● **WHAT THE TASK REQUIRES**: With the images left out, print all of the records below exactly.

--- START ---

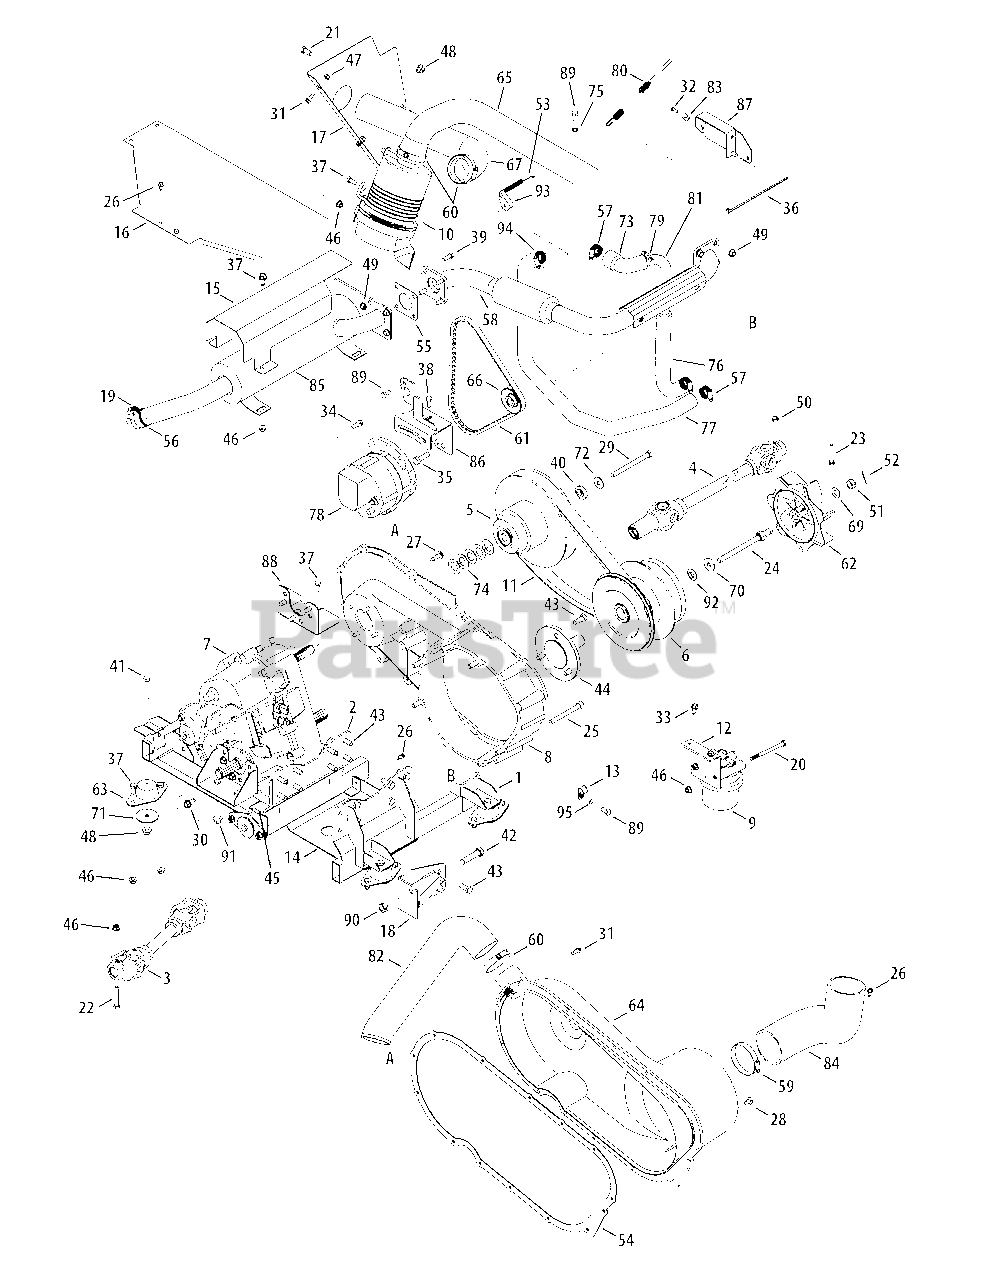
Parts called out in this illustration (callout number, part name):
1	Tray Assembly, Engine, Yanmar
2	Tray Assembly, Engine, Trans
3	Shaft Assembly, Rr/prop
4	Shaft Assembly, Frt/prop, Hilliard
5	Clutch Assembly, Cvt, Driven
6	Clutch Assembly, Driver, Yanmar
7	Case Assembly, Transfer
8	Housing Assembly, Cvt, Machine
9	Filter Assembly, Diesel
10	Filter Assembly, Air Cleaner
11	Belt, Cvt, 4x4
12	Bracket, Fuel Filter, Yanmar
14	Shield, Oil, Engine
15	Exhaust, Shield, Heat
16	Plate, Heat, Shield, Yanmar
18	Bracket Mount, Lower, Alternator
20	Hex Head Screw, 5/16-18, 4.00
21	Hex Head Screw, 3/8-16, .75
22	Hex Head Screw, 5/16-18, 2.00
23	Hex Head Screw, 5/16-18, 1.875
24	Hex Head Screw, 7/16-20, 5.00
25	Screw, M10-1.50
26	Screw, Tt, 1/4-20, 0.500, Hxindwsh
27	Screw, Tt, 5/16-18, 1.000, Hxind.
28	Screw, B, 5/16-12, 0.500, Hxindwsh
29	Hex Head Screw, 3/8-24, 2.50
30	Screw, Tt, 3/8-16, 0.750, Hxindwsh
31	Screw, Tt, 1/4-20, 0.750, Hxindwsh
32	Screw, #10-16, 0.625, Hxindwsh
33	Screw, 5/16-18, 0.750, Hxindwsh
34	Hex Head Screw, 5/16-18, .875
35	Hex Head Screw, M8-1.5, 35 mm
36	Tie, Cable
37	Hex Head Screw, 5/16-18, .75
38	Hex Head Screw, 1/4-20, .75
39	Hex Head Screw, 5/16-18, .875
40	Spacer, Shoulder
41	Hex Head Screw, 3/8-16, 2.00
42	Hex Head Screw, 1/2-13, 2.00
43	Hex Head Screw, M10-1.5, 25mm
44	Shaft, Output, Yanmar, Tapered
46	Nut, Flange Lock, 5/16-18, Nylon
47	Nut, Flange Lock, 1/4-20, Nylon
48	Nut, Flange Lock, 3/8-16, Nylon
49	Nut, Flange Lock, 5/16-18, Sd Lk
50	Nut, Hex Lock, 5/16-18, Ctrlk
51	Nut, Hex, 1/2-20, Gr5, Slot
52	Pin, Cot, 3/32, 1.0
53	Spring, Extension
54	Gasket, CVT Cover
55	Gasket, Engine
56	Spark Arrester Screen
57	Clamp, Hose, Adj
58	Pipe, Exhaust, Yanmar
59	Clamp, Hose, Adj
60	Clamp, Hose, Adj 2-3"
62	Impeller, Blo
63	Compression Mount, Eng, Head
64	Cover, Cvt
65	Hose, Air Inlet, Yanmar
67	Hose, Air Inlet
68	Washer, Flat, .330 x .630 x .0635
69	Washer, Flat, .510 x 1.00 x .060
70	Washer, Flat, .450 x 1.250 x .164
71	Washer, Flat, .38 x 2.00 x .12
72	Washer, Bell, .396 x 1.140 x .095
73	Tube, Upr, rr, Rdtr, Yanmar
74	Washer, Flat, .793 x 1.368 x .025
75	Washer, Lock, 5/16 Ext Tooth
76	Tube, lwr, rdtr
77	Hose, Rdtr, Rr, Yanmar
78	Alternator, Aux, 65 Amp
79	Fitting, Petcock, 1/8"
80	Cable, Throttle Control, Yanmar
81	Tube, Rdtr
82	Hose, CVT, Exhaust
83	Clamp, Casing
84	Tube, Cvt, Intake
86	Assembly Mount, Alternator
87	Bracket, Throttle Mount
88	Bracket, Transmission Mount, rr
89	Hex Head Screw, M8-1.25
90	Nut, Hex Lock, 1/2-13
91	Nut, M8-1.25
92	Spacer, Shoulder
93	Bracket, Throttle, Spring, Return
94	Clamp, Hose, Adj
95	Washer, Flat 1/4"
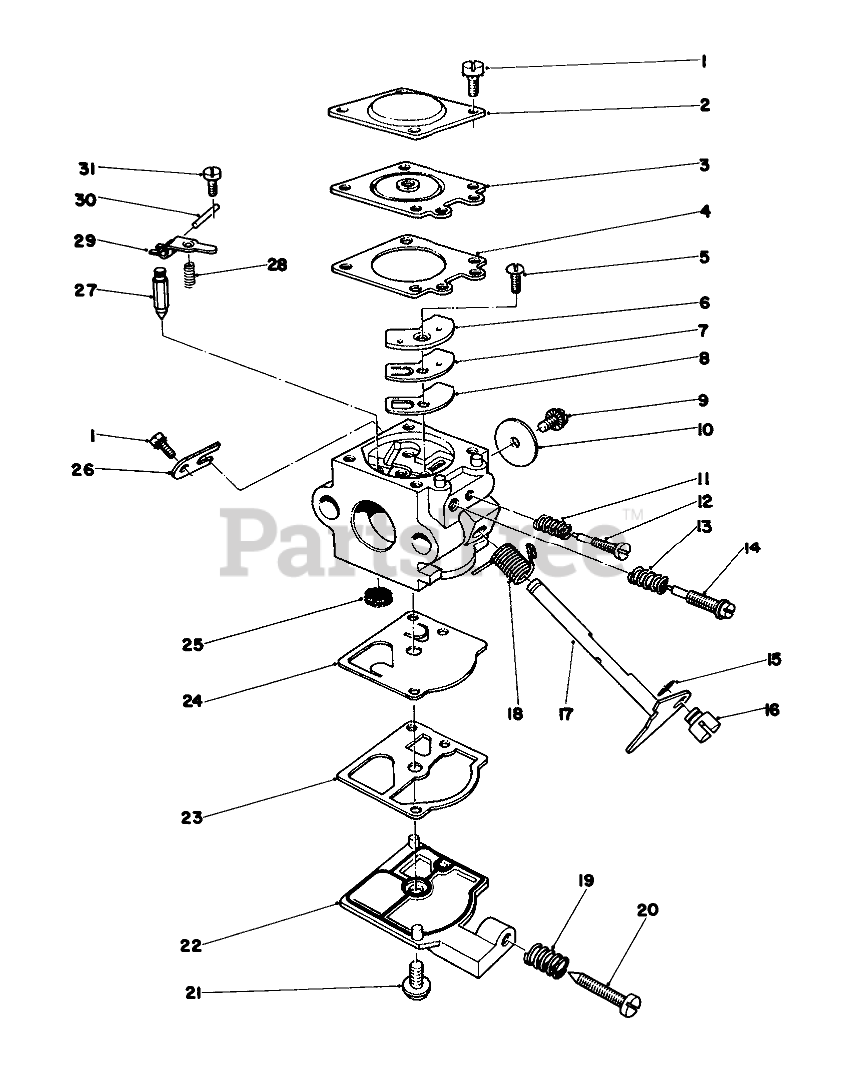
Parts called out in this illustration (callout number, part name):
1	Screw
2	Cover, Diaphragm
3	METERING DIAPHRAGM
4	Gasket, Diaphragm
5	Screw-Circuit Plate
6	Plate, Circuit
7	Diaphragm Circuit Plate
8	Gasket-Circuit Plate
9	Screw
10	Valve, Throttle
11	Spring, Needle
12	Idle Needle
13	Spring, HS Needle
14	Needle, HS
16	Swivel
17	THROTTLE SHAFT ASM
18	Spring-Throttle Lever
19	Spring, Idle Screw
20	Screw, Idle Adjust
21	Screw
22	Cover, Fuel Pump
23	PUMP GASKET
24	Diaphragm Fuel Pump
25	Screen Inlet
26	Clip Throttle Shaft
27	INLET NEEDLE VALVE
28	Spring, Lever
29	Lever Metering
30	Metering Lever Pin
31	Screw-Metering Pin
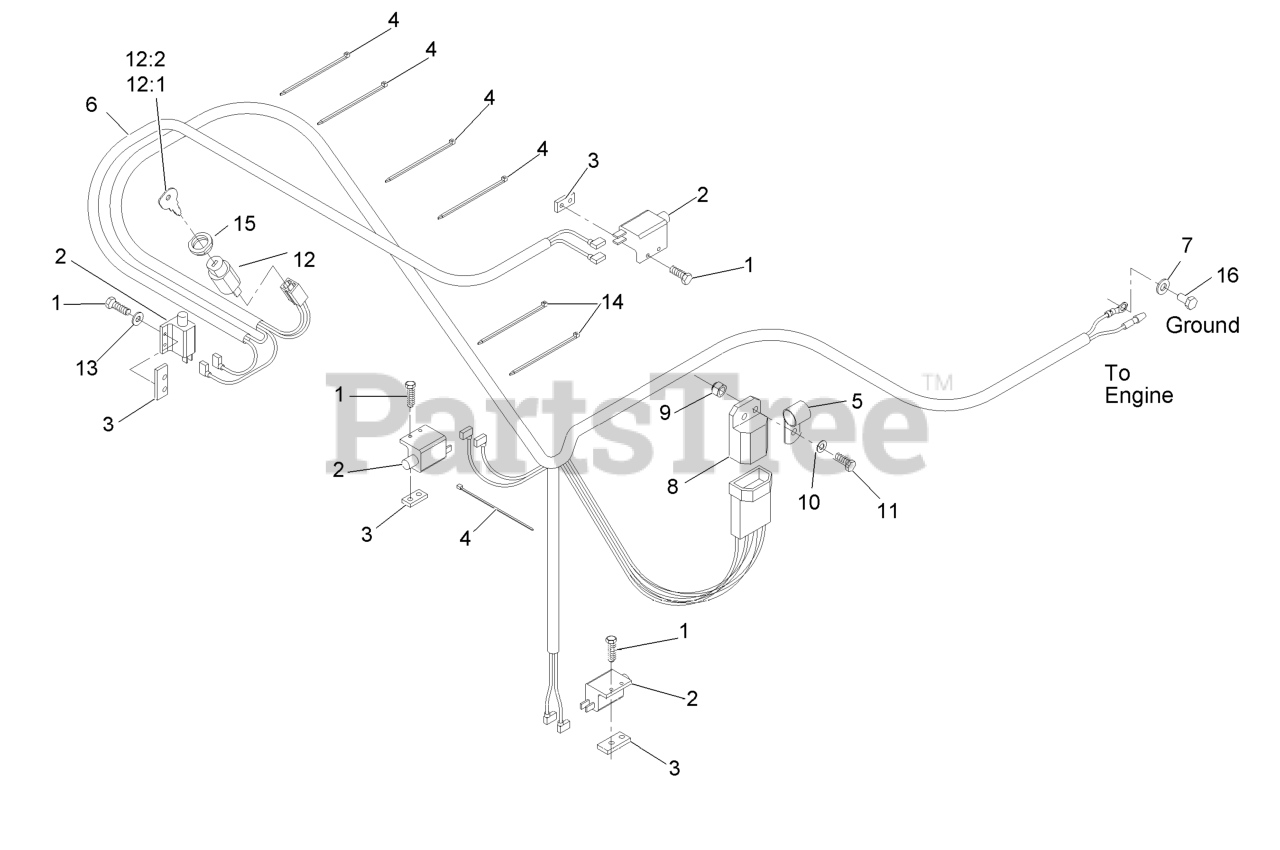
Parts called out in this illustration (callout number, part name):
1	SCREW-PPH
2	SWITCH-OPEN, NORMALLY
3	PLATE-TAPPED
4	TIE-CABLE
5	CLIP-LOOM
6	HARNESS,WIRING KA PULL ST
7	WASHER-PLAIN
8	MODULE-INTERLOCK
9	NUT-LOCK, NI
10	WASHER-FLAT
11	SCREW-HH
12	SWITCH & KEY (INCLUDES NU
12:1	KEYS-IGNITION (SPARE PAIR
12:2	KEY-IGNITION
13	WASHER-FLAT
14	TIE-PLASTIC
15	NUT-SWITCH, IGNITION
16	SCREW-HH
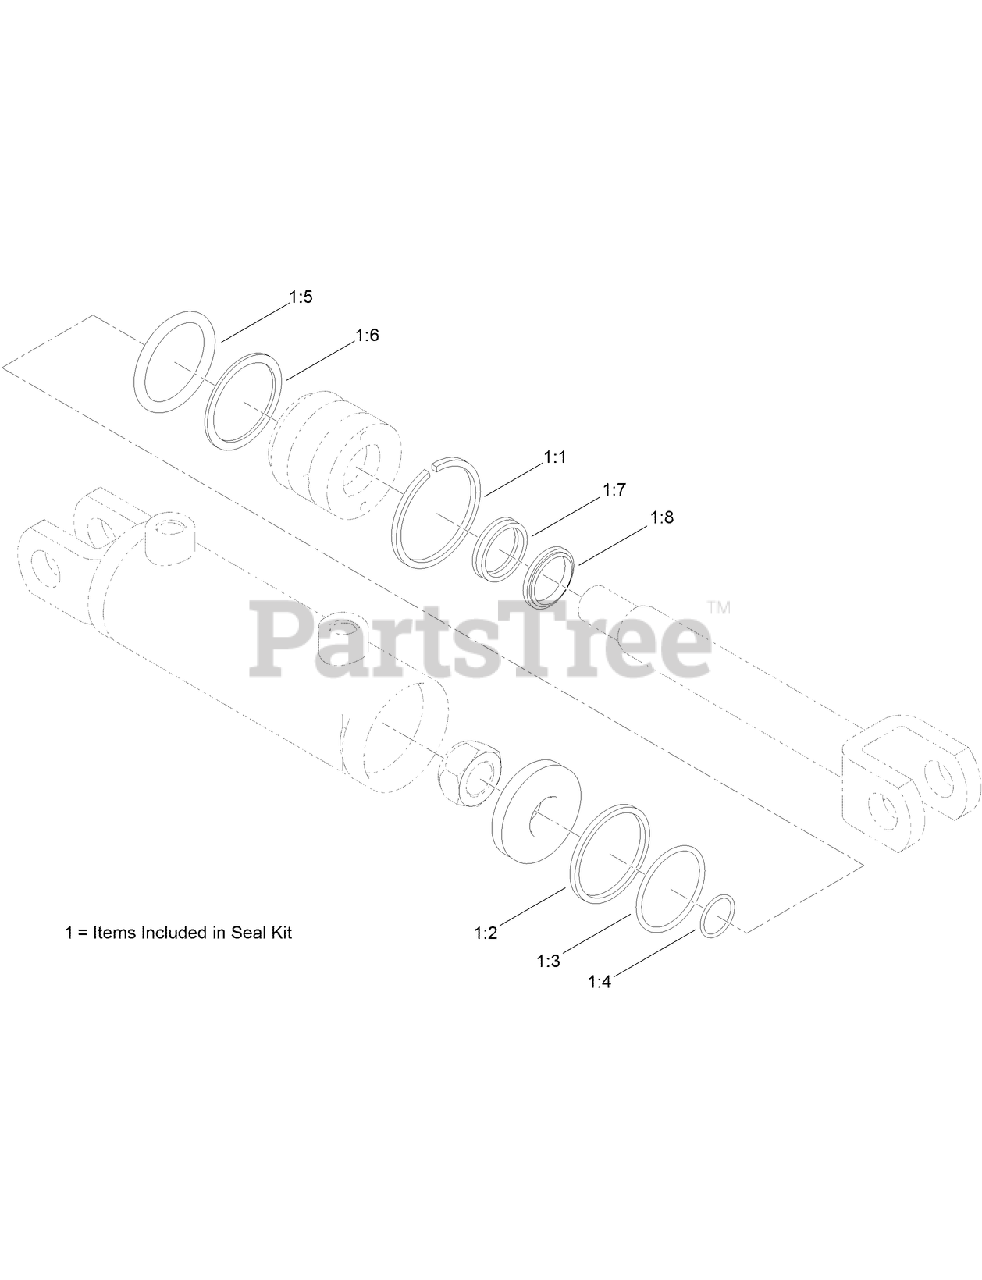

--- END ---

● **EXERCISE RESULT**:
Parts called out in this illustration (callout number, part name):
1	Tray Assembly, Engine, Yanmar
2	Tray Assembly, Engine, Trans
3	Shaft Assembly, Rr/prop
4	Shaft Assembly, Frt/prop, Hilliard
5	Clutch Assembly, Cvt, Driven
6	Clutch Assembly, Driver, Yanmar
7	Case Assembly, Transfer
8	Housing Assembly, Cvt, Machine
9	Filter Assembly, Diesel
10	Filter Assembly, Air Cleaner
11	Belt, Cvt, 4x4
12	Bracket, Fuel Filter, Yanmar
14	Shield, Oil, Engine
15	Exhaust, Shield, Heat
16	Plate, Heat, Shield, Yanmar
18	Bracket Mount, Lower, Alternator
20	Hex Head Screw, 5/16-18, 4.00
21	Hex Head Screw, 3/8-16, .75
22	Hex Head Screw, 5/16-18, 2.00
23	Hex Head Screw, 5/16-18, 1.875
24	Hex Head Screw, 7/16-20, 5.00
25	Screw, M10-1.50
26	Screw, Tt, 1/4-20, 0.500, Hxindwsh
27	Screw, Tt, 5/16-18, 1.000, Hxind.
28	Screw, B, 5/16-12, 0.500, Hxindwsh
29	Hex Head Screw, 3/8-24, 2.50
30	Screw, Tt, 3/8-16, 0.750, Hxindwsh
31	Screw, Tt, 1/4-20, 0.750, Hxindwsh
32	Screw, #10-16, 0.625, Hxindwsh
33	Screw, 5/16-18, 0.750, Hxindwsh
34	Hex Head Screw, 5/16-18, .875
35	Hex Head Screw, M8-1.5, 35 mm
36	Tie, Cable
37	Hex Head Screw, 5/16-18, .75
38	Hex Head Screw, 1/4-20, .75
39	Hex Head Screw, 5/16-18, .875
40	Spacer, Shoulder
41	Hex Head Screw, 3/8-16, 2.00
42	Hex Head Screw, 1/2-13, 2.00
43	Hex Head Screw, M10-1.5, 25mm
44	Shaft, Output, Yanmar, Tapered
46	Nut, Flange Lock, 5/16-18, Nylon
47	Nut, Flange Lock, 1/4-20, Nylon
48	Nut, Flange Lock, 3/8-16, Nylon
49	Nut, Flange Lock, 5/16-18, Sd Lk
50	Nut, Hex Lock, 5/16-18, Ctrlk
51	Nut, Hex, 1/2-20, Gr5, Slot
52	Pin, Cot, 3/32, 1.0
53	Spring, Extension
54	Gasket, CVT Cover
55	Gasket, Engine
56	Spark Arrester Screen
57	Clamp, Hose, Adj
58	Pipe, Exhaust, Yanmar
59	Clamp, Hose, Adj
60	Clamp, Hose, Adj 2-3"
62	Impeller, Blo
63	Compression Mount, Eng, Head
64	Cover, Cvt
65	Hose, Air Inlet, Yanmar
67	Hose, Air Inlet
68	Washer, Flat, .330 x .630 x .0635
69	Washer, Flat, .510 x 1.00 x .060
70	Washer, Flat, .450 x 1.250 x .164
71	Washer, Flat, .38 x 2.00 x .12
72	Washer, Bell, .396 x 1.140 x .095
73	Tube, Upr, rr, Rdtr, Yanmar
74	Washer, Flat, .793 x 1.368 x .025
75	Washer, Lock, 5/16 Ext Tooth
76	Tube, lwr, rdtr
77	Hose, Rdtr, Rr, Yanmar
78	Alternator, Aux, 65 Amp
79	Fitting, Petcock, 1/8"
80	Cable, Throttle Control, Yanmar
81	Tube, Rdtr
82	Hose, CVT, Exhaust
83	Clamp, Casing
84	Tube, Cvt, Intake
86	Assembly Mount, Alternator
87	Bracket, Throttle Mount
88	Bracket, Transmission Mount, rr
89	Hex Head Screw, M8-1.25
90	Nut, Hex Lock, 1/2-13
91	Nut, M8-1.25
92	Spacer, Shoulder
93	Bracket, Throttle, Spring, Return
94	Clamp, Hose, Adj
95	Washer, Flat 1/4"
Parts called out in this illustration (callout number, part name):
1	Screw
2	Cover, Diaphragm
3	METERING DIAPHRAGM
4	Gasket, Diaphragm
5	Screw-Circuit Plate
6	Plate, Circuit
7	Diaphragm Circuit Plate
8	Gasket-Circuit Plate
9	Screw
10	Valve, Throttle
11	Spring, Needle
12	Idle Needle
13	Spring, HS Needle
14	Needle, HS
16	Swivel
17	THROTTLE SHAFT ASM
18	Spring-Throttle Lever
19	Spring, Idle Screw
20	Screw, Idle Adjust
21	Screw
22	Cover, Fuel Pump
23	PUMP GASKET
24	Diaphragm Fuel Pump
25	Screen Inlet
26	Clip Throttle Shaft
27	INLET NEEDLE VALVE
28	Spring, Lever
29	Lever Metering
30	Metering Lever Pin
31	Screw-Metering Pin
Parts called out in this illustration (callout number, part name):
1	SCREW-PPH
2	SWITCH-OPEN, NORMALLY
3	PLATE-TAPPED
4	TIE-CABLE
5	CLIP-LOOM
6	HARNESS,WIRING KA PULL ST
7	WASHER-PLAIN
8	MODULE-INTERLOCK
9	NUT-LOCK, NI
10	WASHER-FLAT
11	SCREW-HH
12	SWITCH & KEY (INCLUDES NU
12:1	KEYS-IGNITION (SPARE PAIR
12:2	KEY-IGNITION
13	WASHER-FLAT
14	TIE-PLASTIC
15	NUT-SWITCH, IGNITION
16	SCREW-HH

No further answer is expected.